--- START ---

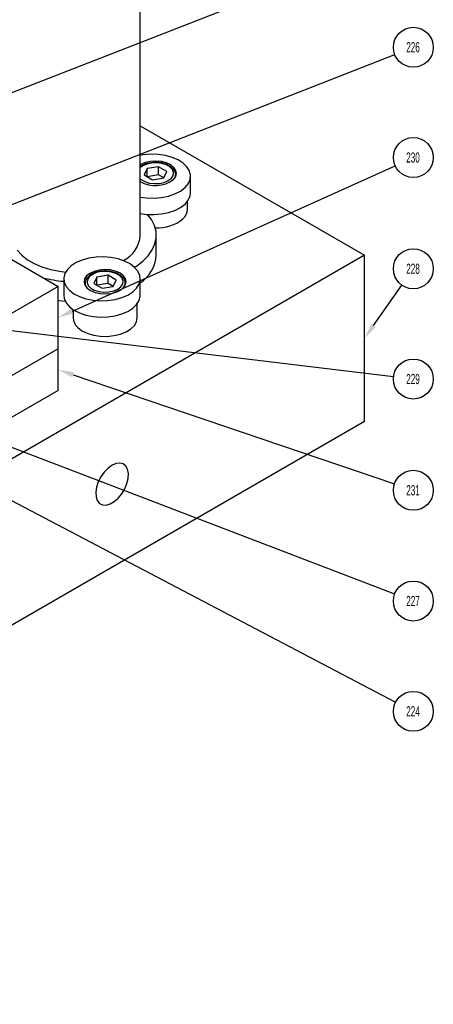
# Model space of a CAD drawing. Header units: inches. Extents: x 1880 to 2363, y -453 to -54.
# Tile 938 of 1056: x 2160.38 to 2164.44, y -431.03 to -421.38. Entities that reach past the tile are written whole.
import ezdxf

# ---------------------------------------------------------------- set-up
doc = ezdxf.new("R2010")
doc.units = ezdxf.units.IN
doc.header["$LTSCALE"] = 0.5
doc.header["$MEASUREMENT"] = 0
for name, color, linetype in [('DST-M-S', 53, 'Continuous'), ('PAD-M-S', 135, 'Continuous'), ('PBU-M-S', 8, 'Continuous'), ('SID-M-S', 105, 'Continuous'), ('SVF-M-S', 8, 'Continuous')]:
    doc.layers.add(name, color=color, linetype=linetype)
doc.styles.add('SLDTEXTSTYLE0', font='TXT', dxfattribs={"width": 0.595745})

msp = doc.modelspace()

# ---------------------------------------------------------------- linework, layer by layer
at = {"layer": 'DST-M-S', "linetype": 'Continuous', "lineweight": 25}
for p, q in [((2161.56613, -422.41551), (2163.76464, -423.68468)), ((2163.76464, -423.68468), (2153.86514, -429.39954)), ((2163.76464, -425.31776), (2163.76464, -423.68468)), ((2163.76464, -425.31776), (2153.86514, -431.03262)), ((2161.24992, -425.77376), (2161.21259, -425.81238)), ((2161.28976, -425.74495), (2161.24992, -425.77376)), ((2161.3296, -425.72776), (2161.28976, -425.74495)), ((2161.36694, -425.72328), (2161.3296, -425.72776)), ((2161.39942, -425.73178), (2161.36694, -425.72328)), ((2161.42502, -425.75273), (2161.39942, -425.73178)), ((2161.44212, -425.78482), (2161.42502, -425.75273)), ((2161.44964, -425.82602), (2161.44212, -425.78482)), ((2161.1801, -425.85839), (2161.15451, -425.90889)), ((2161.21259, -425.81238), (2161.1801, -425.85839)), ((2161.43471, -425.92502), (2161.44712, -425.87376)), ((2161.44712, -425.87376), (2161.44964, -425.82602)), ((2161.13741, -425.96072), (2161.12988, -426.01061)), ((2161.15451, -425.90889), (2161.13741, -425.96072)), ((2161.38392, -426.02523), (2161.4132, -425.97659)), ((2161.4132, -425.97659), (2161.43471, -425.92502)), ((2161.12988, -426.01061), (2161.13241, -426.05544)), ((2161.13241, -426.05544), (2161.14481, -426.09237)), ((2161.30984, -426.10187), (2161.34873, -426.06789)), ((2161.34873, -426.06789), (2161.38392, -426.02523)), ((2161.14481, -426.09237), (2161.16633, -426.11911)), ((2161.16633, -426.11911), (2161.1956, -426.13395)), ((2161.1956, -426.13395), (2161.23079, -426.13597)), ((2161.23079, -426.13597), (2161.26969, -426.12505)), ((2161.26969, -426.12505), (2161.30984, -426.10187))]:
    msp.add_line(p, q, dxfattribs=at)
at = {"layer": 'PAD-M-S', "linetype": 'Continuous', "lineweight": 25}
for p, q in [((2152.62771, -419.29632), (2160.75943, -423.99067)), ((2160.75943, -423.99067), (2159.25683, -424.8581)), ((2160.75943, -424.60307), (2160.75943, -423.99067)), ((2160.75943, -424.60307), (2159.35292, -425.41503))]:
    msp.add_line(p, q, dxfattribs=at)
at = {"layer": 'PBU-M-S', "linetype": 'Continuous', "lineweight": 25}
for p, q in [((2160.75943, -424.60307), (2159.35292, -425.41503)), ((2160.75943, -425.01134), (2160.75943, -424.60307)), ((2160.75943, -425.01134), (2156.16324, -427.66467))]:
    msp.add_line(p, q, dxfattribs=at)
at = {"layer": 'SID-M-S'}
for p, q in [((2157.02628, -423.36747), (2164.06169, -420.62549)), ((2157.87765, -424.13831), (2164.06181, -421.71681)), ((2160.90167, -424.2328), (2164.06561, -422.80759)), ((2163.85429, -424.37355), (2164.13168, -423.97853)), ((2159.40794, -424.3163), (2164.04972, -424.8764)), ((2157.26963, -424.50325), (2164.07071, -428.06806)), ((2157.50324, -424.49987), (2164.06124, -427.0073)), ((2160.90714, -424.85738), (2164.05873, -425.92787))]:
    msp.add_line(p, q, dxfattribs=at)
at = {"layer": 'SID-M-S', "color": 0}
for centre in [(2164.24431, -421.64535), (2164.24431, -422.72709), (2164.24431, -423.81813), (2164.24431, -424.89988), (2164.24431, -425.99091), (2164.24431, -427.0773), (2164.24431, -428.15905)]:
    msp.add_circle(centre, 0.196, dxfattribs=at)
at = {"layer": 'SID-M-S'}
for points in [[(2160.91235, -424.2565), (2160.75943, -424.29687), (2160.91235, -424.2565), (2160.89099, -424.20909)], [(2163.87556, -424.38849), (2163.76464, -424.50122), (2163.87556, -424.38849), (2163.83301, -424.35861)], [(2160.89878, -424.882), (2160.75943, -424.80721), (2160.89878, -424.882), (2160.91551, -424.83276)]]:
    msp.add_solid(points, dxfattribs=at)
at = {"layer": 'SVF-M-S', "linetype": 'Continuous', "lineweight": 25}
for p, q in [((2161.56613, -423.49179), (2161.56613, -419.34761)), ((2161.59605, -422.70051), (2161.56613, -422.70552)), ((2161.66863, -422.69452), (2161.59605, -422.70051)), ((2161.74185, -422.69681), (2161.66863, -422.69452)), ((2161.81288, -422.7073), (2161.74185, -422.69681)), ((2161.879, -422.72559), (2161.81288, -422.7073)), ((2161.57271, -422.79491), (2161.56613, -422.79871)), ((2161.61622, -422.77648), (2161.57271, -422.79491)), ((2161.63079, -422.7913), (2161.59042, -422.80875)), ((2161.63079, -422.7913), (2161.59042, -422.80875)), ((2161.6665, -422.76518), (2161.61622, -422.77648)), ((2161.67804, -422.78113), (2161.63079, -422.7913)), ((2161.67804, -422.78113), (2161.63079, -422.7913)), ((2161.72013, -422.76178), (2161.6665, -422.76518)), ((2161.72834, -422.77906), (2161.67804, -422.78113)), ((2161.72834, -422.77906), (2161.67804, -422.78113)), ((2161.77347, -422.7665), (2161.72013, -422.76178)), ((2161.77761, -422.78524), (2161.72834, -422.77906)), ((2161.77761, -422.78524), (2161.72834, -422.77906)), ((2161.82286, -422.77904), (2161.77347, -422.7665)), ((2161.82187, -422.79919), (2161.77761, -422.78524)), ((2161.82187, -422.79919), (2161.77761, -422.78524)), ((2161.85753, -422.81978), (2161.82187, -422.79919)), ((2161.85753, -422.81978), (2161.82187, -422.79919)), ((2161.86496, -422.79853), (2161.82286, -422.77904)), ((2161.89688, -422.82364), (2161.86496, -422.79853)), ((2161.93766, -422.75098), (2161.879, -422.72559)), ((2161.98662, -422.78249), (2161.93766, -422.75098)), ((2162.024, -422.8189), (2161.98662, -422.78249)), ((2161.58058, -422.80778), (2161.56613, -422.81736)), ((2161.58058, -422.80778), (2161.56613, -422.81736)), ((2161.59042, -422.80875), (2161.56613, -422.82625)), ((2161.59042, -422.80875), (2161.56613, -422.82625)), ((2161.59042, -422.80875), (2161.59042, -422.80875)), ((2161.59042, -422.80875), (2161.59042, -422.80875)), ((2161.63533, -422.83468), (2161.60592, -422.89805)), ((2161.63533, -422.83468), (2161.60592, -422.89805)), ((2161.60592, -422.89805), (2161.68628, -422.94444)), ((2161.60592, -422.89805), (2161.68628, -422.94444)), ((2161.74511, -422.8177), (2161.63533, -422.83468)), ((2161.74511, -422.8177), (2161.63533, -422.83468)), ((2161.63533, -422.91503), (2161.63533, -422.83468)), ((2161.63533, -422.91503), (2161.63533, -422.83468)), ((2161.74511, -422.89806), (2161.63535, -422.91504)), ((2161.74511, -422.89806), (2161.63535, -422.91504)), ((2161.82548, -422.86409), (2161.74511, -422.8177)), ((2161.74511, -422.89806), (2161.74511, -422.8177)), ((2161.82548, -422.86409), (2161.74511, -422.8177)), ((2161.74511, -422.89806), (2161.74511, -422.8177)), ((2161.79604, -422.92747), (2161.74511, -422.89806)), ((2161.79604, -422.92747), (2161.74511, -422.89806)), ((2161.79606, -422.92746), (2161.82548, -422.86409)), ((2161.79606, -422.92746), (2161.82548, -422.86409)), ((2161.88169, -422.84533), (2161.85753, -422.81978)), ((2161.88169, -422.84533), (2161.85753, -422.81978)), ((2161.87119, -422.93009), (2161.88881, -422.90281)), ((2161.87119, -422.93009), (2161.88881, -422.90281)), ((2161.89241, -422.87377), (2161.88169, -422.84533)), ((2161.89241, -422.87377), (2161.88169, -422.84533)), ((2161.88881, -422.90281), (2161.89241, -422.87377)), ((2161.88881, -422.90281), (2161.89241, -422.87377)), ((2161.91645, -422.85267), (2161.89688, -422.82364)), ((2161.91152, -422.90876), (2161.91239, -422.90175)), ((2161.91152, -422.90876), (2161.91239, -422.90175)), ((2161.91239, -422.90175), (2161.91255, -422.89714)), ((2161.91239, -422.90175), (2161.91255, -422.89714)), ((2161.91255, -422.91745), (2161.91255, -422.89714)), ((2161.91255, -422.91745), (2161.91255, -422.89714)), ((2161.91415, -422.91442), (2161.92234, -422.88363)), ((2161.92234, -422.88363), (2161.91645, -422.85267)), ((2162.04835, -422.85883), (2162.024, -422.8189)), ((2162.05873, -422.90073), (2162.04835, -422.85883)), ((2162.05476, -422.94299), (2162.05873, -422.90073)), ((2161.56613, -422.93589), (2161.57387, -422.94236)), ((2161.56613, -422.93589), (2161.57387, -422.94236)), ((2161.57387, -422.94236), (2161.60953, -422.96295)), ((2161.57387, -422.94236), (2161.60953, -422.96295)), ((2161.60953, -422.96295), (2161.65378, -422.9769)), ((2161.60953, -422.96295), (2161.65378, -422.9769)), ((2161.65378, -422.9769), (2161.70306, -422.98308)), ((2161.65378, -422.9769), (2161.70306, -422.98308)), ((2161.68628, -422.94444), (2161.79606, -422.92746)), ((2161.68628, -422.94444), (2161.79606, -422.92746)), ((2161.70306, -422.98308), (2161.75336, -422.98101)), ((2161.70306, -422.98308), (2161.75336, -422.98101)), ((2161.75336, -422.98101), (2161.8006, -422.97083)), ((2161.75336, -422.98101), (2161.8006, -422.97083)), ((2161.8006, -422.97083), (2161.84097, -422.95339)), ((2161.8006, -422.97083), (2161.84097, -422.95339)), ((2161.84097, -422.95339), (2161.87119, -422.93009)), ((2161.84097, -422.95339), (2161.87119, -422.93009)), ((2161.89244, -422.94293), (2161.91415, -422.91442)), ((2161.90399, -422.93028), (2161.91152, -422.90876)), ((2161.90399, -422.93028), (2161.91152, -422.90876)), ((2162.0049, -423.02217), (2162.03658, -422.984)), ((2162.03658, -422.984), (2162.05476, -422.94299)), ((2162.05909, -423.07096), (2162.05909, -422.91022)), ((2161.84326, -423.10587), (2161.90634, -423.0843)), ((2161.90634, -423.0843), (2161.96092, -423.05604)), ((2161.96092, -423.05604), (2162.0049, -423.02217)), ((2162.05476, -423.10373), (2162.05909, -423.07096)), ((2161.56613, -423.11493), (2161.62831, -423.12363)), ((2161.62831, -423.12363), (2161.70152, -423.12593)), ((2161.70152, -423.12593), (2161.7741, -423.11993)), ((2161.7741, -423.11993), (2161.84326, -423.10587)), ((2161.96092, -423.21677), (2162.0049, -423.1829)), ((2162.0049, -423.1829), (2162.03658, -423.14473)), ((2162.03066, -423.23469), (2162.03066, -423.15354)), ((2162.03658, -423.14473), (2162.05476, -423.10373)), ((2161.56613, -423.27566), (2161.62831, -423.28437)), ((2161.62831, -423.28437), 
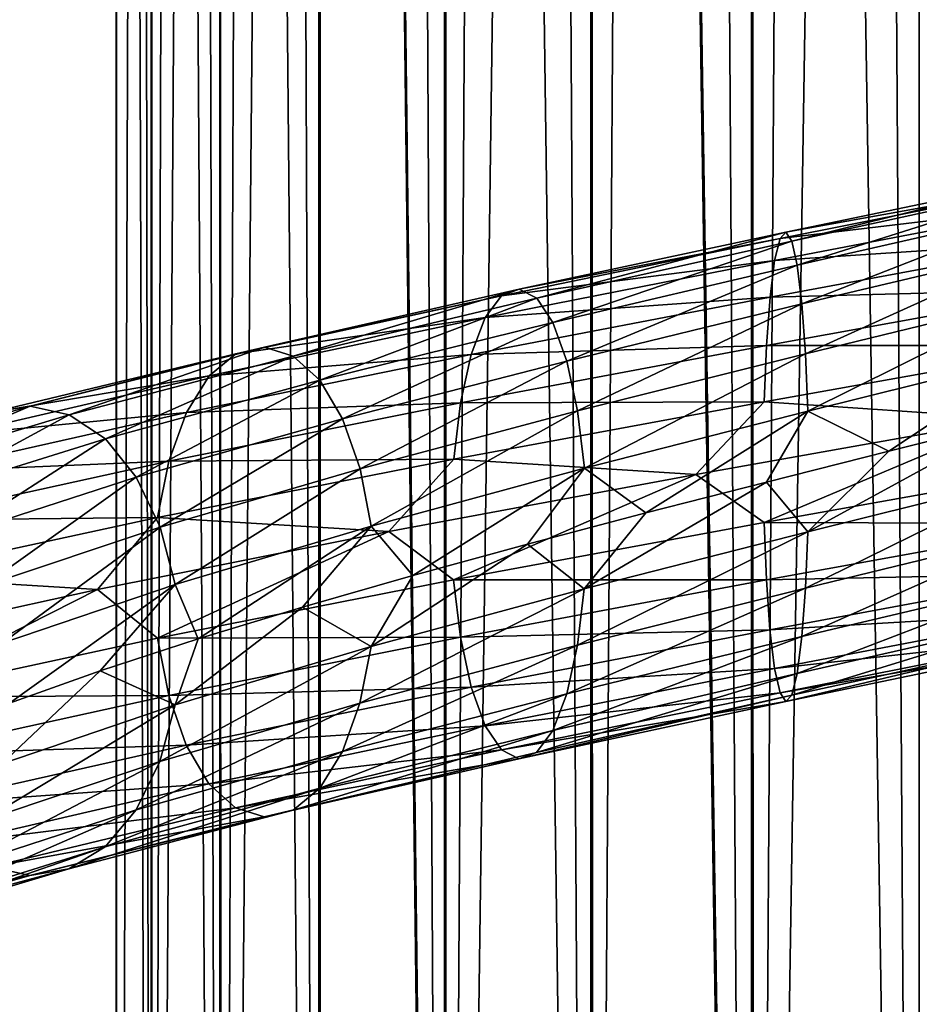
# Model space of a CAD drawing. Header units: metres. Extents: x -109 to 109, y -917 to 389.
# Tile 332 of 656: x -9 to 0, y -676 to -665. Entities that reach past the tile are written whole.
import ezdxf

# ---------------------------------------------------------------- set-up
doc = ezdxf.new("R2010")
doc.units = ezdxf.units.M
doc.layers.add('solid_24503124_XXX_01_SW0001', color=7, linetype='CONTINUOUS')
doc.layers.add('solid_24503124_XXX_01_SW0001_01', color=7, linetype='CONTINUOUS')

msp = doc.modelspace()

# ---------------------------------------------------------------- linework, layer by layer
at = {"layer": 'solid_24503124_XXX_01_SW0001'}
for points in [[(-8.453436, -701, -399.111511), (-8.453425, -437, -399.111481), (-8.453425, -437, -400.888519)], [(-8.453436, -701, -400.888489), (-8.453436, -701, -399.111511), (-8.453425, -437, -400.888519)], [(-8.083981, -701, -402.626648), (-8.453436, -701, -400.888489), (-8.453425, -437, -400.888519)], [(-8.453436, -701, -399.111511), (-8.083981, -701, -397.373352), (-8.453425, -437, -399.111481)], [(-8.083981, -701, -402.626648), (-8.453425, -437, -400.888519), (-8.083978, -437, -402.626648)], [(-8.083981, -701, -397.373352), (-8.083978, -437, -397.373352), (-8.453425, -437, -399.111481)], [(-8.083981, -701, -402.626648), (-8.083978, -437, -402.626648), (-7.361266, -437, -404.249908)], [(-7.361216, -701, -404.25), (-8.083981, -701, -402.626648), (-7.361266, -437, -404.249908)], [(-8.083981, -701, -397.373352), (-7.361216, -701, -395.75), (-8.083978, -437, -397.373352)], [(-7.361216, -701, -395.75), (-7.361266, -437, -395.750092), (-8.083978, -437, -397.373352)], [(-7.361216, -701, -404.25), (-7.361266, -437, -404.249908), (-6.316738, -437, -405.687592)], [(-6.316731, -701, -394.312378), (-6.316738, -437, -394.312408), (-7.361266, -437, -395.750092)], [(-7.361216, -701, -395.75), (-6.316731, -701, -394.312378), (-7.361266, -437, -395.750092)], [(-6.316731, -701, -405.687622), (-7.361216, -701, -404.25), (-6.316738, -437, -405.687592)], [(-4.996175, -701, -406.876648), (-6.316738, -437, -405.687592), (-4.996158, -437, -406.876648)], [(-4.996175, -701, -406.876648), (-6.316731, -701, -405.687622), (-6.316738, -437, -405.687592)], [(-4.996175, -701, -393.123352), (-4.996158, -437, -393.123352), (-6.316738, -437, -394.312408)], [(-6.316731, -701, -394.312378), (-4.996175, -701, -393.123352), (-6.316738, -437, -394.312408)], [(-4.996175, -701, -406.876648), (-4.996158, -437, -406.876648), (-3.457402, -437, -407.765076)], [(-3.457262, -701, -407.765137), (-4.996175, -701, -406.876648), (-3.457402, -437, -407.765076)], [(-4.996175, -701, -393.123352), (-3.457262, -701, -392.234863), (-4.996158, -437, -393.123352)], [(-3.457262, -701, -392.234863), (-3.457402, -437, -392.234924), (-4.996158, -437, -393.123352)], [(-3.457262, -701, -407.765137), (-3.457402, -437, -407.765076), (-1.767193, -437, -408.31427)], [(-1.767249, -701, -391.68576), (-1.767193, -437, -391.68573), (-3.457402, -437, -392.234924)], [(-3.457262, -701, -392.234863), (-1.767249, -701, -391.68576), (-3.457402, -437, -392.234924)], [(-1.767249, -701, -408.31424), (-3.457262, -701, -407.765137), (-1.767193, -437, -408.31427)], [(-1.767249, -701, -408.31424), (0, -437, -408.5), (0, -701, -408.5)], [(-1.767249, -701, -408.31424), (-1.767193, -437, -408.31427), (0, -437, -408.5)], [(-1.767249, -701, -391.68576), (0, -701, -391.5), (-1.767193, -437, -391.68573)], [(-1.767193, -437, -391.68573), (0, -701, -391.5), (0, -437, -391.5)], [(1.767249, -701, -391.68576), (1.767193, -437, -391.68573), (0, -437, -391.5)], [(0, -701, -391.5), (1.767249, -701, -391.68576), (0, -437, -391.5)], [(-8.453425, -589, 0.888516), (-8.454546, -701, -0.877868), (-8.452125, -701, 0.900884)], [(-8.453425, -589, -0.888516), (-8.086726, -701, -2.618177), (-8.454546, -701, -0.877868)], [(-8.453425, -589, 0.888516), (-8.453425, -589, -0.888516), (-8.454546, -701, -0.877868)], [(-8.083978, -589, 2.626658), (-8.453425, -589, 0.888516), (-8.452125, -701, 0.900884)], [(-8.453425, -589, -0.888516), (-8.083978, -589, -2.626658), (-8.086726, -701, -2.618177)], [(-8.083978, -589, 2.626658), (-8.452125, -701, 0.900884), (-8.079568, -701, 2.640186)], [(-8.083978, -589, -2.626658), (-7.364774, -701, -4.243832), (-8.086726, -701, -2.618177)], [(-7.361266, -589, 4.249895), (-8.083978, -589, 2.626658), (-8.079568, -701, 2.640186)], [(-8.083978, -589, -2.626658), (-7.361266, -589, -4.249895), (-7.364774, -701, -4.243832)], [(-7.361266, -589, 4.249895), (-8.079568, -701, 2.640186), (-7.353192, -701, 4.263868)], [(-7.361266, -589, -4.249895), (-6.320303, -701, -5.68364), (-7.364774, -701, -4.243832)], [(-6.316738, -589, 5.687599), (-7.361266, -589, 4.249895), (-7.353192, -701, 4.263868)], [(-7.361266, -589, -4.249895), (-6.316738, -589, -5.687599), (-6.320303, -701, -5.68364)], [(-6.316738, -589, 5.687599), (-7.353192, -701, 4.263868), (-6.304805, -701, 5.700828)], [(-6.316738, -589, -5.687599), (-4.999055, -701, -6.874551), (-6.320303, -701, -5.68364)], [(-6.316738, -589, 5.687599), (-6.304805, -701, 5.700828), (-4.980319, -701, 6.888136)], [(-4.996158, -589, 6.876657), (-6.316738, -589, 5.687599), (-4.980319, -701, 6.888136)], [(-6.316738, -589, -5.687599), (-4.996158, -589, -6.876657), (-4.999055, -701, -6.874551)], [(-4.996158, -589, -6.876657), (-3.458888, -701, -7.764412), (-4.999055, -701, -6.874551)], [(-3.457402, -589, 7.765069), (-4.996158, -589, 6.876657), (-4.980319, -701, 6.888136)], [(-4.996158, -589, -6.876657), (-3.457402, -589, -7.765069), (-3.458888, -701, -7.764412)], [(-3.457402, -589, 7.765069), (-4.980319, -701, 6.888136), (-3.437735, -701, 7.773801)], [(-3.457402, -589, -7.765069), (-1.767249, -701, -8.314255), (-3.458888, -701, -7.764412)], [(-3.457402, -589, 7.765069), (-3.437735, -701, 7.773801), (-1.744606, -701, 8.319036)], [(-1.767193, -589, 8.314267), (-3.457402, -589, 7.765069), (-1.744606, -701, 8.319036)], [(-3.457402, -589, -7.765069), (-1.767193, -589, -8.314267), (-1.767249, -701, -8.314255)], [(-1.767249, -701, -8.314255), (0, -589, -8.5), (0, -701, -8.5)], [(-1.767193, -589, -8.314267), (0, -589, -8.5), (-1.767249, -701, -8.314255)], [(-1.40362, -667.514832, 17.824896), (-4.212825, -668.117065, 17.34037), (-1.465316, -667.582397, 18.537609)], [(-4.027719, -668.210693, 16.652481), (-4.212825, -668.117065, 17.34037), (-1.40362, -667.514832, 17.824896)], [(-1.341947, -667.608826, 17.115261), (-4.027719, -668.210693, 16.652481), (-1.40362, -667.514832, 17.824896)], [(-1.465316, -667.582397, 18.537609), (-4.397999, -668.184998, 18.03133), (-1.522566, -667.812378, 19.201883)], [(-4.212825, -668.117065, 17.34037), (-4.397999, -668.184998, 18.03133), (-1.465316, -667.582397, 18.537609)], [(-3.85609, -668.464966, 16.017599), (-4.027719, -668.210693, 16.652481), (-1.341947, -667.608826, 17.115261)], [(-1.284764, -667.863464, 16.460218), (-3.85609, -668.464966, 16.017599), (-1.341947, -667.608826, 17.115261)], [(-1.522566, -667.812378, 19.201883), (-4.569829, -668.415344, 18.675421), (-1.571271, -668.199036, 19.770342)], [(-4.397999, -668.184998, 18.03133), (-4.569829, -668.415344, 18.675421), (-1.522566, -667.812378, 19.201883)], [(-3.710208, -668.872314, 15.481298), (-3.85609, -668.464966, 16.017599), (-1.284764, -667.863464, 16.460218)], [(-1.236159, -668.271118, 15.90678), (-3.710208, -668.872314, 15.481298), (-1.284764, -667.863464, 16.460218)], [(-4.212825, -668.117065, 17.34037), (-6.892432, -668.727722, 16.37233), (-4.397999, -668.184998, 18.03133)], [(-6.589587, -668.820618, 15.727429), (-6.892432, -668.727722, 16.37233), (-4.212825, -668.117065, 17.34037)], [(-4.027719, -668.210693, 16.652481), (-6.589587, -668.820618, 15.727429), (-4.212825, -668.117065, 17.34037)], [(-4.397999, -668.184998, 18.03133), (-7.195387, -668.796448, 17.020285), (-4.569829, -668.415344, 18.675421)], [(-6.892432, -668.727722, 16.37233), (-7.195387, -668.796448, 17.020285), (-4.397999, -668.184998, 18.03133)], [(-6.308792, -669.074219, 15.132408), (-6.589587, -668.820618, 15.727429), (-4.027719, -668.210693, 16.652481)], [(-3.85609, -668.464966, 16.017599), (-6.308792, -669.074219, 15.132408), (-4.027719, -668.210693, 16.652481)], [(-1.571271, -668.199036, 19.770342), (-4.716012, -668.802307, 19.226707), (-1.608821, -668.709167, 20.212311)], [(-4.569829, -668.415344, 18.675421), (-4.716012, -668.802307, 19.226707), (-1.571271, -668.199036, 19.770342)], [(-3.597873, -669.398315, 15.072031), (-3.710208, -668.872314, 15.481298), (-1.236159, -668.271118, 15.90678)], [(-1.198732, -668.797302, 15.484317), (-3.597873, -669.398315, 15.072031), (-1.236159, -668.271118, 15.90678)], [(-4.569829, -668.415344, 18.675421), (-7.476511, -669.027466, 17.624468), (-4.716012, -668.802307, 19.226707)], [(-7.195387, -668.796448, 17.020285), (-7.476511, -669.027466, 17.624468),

--- END ---

## Exercise brief
The lines above that include "Entities" should each be listed.

## Task answer
# Tile 938 of 1056: x 2160.38 to 2164.44, y -431.03 to -421.38. Entities that reach past the tile are written whole.
# Tile 332 of 656: x -9 to 0, y -676 to -665. Entities that reach past the tile are written whole.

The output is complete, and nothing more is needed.